* Required work:
Scan the entries for the word "Fuel". Every line that has it should be copied.

───── Exercise input ─────

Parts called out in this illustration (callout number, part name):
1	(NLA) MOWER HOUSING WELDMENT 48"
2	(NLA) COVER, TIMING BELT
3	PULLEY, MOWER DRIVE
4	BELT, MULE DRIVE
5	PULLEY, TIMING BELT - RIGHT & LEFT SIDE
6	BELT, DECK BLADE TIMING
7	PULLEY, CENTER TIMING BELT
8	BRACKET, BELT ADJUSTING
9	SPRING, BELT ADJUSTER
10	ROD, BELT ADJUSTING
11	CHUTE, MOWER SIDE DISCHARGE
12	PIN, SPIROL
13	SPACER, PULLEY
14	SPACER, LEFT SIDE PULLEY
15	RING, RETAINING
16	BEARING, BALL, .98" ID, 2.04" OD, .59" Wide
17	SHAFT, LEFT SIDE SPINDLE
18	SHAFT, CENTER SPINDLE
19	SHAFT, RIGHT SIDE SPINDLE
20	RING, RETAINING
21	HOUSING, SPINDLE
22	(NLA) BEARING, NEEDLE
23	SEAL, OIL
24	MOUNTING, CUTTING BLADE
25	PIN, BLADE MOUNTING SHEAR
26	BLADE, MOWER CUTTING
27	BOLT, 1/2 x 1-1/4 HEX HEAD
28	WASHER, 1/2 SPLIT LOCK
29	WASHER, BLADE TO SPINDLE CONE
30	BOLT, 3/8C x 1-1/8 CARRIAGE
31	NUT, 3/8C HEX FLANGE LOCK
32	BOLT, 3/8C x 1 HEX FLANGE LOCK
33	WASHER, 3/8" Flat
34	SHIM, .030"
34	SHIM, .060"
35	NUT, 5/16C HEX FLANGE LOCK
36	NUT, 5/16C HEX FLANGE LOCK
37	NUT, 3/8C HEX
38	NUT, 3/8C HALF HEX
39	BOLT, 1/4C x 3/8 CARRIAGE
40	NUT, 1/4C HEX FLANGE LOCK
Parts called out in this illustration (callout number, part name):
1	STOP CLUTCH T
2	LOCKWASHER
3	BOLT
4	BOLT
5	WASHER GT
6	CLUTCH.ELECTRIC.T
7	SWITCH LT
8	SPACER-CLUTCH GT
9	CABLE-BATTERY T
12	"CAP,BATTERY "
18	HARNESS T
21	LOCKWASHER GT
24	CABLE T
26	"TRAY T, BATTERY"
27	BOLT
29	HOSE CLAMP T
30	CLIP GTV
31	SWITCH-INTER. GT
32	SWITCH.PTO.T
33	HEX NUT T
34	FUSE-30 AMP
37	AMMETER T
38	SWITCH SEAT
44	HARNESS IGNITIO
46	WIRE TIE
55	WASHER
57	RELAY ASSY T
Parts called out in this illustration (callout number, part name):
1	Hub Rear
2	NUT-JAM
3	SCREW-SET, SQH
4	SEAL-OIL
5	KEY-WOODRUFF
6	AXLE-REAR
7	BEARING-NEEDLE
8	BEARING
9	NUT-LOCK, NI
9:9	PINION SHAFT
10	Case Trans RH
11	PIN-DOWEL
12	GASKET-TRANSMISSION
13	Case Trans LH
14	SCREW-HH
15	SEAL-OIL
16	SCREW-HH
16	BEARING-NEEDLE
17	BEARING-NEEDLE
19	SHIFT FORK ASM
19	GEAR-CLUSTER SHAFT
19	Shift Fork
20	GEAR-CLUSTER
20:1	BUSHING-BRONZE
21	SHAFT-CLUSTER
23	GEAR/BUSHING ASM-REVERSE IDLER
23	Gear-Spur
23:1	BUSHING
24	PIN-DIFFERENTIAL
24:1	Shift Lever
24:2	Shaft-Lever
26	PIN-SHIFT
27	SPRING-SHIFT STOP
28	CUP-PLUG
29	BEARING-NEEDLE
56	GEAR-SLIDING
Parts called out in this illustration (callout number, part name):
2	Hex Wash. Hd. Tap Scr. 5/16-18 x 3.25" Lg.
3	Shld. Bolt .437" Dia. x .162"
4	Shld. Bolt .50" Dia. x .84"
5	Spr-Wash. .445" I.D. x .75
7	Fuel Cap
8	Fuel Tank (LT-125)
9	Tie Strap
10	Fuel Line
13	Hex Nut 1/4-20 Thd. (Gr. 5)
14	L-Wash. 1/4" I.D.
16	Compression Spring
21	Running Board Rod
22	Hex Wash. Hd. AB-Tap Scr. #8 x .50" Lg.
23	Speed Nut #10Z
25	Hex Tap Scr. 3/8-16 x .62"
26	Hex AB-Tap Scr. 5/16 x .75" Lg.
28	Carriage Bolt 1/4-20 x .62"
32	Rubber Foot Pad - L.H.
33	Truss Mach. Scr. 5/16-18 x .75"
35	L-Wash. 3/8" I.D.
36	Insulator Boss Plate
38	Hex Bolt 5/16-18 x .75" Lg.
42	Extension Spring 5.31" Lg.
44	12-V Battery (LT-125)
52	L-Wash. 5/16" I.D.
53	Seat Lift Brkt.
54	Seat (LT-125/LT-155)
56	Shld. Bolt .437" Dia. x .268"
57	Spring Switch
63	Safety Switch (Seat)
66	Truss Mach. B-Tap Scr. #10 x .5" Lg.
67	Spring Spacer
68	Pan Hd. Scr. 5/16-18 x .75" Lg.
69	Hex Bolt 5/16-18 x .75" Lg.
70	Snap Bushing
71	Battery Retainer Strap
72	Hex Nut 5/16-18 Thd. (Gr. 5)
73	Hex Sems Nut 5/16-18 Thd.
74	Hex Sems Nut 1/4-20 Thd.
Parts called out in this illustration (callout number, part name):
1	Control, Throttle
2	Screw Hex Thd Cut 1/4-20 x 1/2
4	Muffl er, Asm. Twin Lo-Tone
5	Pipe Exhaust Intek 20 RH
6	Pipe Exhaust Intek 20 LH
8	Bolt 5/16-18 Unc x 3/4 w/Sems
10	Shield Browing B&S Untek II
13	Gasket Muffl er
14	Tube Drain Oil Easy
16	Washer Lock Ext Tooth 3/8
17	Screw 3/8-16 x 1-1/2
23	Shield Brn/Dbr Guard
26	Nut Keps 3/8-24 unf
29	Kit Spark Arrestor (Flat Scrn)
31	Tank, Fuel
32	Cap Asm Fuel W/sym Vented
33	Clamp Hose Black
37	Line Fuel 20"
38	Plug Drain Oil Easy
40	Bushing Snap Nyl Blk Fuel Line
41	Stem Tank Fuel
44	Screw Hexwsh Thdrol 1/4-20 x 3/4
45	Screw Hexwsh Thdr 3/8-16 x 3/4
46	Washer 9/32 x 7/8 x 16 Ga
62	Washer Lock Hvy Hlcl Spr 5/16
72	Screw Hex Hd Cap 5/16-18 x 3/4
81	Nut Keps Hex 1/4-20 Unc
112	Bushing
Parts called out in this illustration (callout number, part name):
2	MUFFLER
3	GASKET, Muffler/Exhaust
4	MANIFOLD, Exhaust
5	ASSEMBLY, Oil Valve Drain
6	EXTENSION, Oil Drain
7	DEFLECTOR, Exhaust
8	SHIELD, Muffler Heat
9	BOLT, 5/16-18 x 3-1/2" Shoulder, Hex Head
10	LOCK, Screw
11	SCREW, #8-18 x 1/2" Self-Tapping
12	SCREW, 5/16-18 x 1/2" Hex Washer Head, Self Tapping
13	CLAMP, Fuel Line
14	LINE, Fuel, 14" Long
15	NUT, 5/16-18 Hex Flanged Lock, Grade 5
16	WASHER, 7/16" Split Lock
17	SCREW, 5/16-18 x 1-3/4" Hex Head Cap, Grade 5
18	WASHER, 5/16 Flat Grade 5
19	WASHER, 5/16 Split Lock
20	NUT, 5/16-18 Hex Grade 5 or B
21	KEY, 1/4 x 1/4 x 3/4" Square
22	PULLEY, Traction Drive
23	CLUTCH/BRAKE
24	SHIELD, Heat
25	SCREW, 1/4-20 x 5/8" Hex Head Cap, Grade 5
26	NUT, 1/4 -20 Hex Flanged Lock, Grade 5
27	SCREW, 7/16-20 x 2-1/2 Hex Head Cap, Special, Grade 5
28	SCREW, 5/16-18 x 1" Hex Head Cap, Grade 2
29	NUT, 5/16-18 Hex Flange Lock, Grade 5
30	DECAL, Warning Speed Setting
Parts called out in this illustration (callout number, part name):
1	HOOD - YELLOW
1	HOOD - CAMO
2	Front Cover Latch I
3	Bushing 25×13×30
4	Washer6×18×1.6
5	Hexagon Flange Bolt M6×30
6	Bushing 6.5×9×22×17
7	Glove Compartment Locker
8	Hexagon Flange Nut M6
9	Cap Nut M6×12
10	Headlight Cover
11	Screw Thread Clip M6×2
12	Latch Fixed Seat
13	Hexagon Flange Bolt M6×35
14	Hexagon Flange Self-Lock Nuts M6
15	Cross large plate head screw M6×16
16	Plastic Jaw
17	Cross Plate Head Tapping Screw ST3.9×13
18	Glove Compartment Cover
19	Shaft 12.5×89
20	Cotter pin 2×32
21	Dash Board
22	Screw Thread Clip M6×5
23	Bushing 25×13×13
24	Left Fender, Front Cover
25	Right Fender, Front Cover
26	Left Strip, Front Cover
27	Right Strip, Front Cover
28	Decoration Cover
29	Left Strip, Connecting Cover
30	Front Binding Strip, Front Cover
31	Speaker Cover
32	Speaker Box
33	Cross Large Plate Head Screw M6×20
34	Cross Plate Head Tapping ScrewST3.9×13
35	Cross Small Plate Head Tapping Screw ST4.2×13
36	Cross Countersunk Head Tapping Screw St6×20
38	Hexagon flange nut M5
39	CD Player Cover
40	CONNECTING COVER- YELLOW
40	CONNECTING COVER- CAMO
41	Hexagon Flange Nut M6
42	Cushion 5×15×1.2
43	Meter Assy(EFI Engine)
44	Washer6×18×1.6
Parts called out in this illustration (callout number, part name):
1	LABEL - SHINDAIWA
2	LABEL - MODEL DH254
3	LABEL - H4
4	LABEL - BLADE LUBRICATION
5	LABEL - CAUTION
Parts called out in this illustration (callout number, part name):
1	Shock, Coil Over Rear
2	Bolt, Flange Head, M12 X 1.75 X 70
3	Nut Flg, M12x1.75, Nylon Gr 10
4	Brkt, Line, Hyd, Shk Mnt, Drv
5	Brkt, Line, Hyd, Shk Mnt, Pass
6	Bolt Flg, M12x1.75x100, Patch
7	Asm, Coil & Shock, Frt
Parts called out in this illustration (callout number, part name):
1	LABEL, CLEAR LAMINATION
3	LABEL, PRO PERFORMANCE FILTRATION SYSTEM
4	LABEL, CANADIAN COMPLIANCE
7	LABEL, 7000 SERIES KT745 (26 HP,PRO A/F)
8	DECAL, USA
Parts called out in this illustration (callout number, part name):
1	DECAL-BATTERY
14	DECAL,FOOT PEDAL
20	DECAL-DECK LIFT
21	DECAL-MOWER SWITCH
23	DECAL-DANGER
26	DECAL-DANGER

─────

* Response to this exercise:
7	Fuel Cap
8	Fuel Tank (LT-125)
10	Fuel Line
31	Tank, Fuel
32	Cap Asm Fuel W/sym Vented
37	Line Fuel 20"
40	Bushing Snap Nyl Blk Fuel Line
41	Stem Tank Fuel
13	CLAMP, Fuel Line
14	LINE, Fuel, 14" Long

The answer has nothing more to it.